Nephrocalcinosis also belongs to the category of rapidly progressing pathology, which, provided that there is no timely medication, provokes severe disorders of the urine-forming and urinary functions of the kidneys. In a situation where nephrocalcinosis is not accompanied by signs of renal failure, the patient should recommend compliance with the rules of dietary nutrition, as well as provide drug treatment for the underlying disease. With the existing signs of renal failure, the only effective method of treatment is hemodialysis followed by kidney transplantation.

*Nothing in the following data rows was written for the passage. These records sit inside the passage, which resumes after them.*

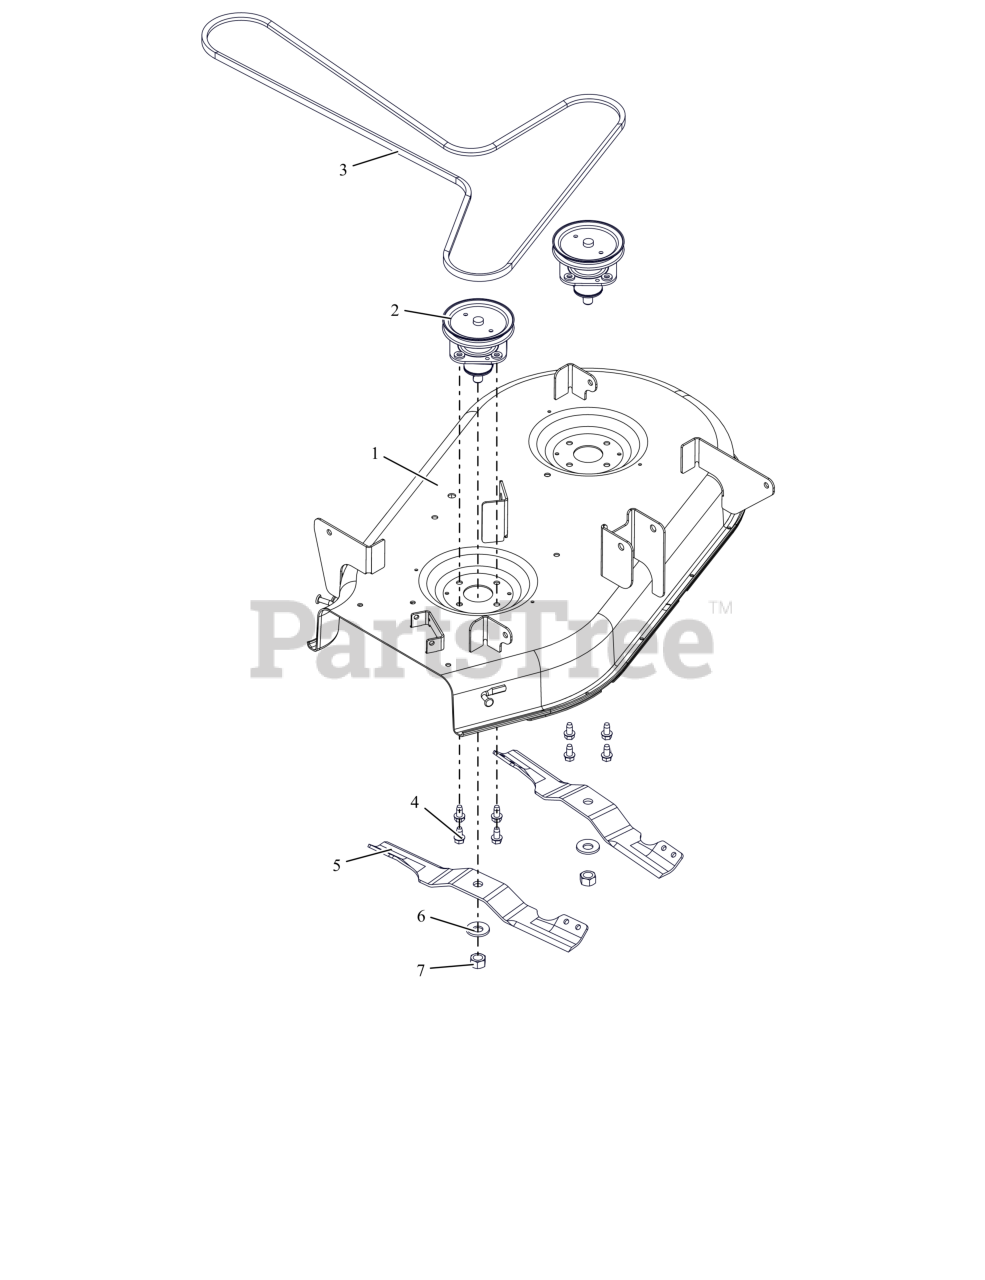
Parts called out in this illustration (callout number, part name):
1	KIT- 34" EDGE DECK W/DECALS
2	KIT, DECK SPINDLE ASM (34/50)
3	V-BELT, HA-WRAPPED
4	SCR,TAP .375-16X.75 HWH TR ZCC
5	BLADE, MOWER 17.35
6	WSHR-BLVL .669X1.535X.138
7	NUT-STD .625-18 ZCC

Pregnant women who have foci of calcinosis in the placenta need dynamic ultrasound observation and when signs of fetoplacental insufficiency appear, it is recommended to prescribe drugs whose action is aimed at improving blood flow through the vascular network of the placenta and uterus (Trental 100 mg 2 times a day orally). In order to prevent premature detachment of the placenta in pregnant women suffering from calcification, it is advisable to prescribe drugs that reduce the uterine tone (Ginipral 5 μg intravenously). As a preventive treatment aimed at eliminating the progress of the calcification process, antiviral specific therapy is used.

The volume of therapy of calcification, localized in the projection of the valvular heart apparatus or large arterial vessels, is determined by its clinical form, as well as by the severity of hemodynamic disorders. So, single calcints in the projection of the subvalve department do not need specific treatment and it is enough to conduct dynamic echocardiographic observation. However, it should be borne in mind that intracardiac calcification is one of the pathologies of risk for the emergence of bacterial endocarditis , therefore, when signs of bacterial damage to the heart appear, an adequate antibiotic regimen should be immediately used.

Due to the fact that the centers of pathological calcification located in the vascular wall are a favorable substrate for thrombotic complications, all patients with signs of calcification of the heart and vessels are recommended lifelong administration of antiplatelet agents (Cardiomagnil 1 capsule once a day). Indication for the use of operative treatment of calcification is the development of signs of severe cardiohemodynamics.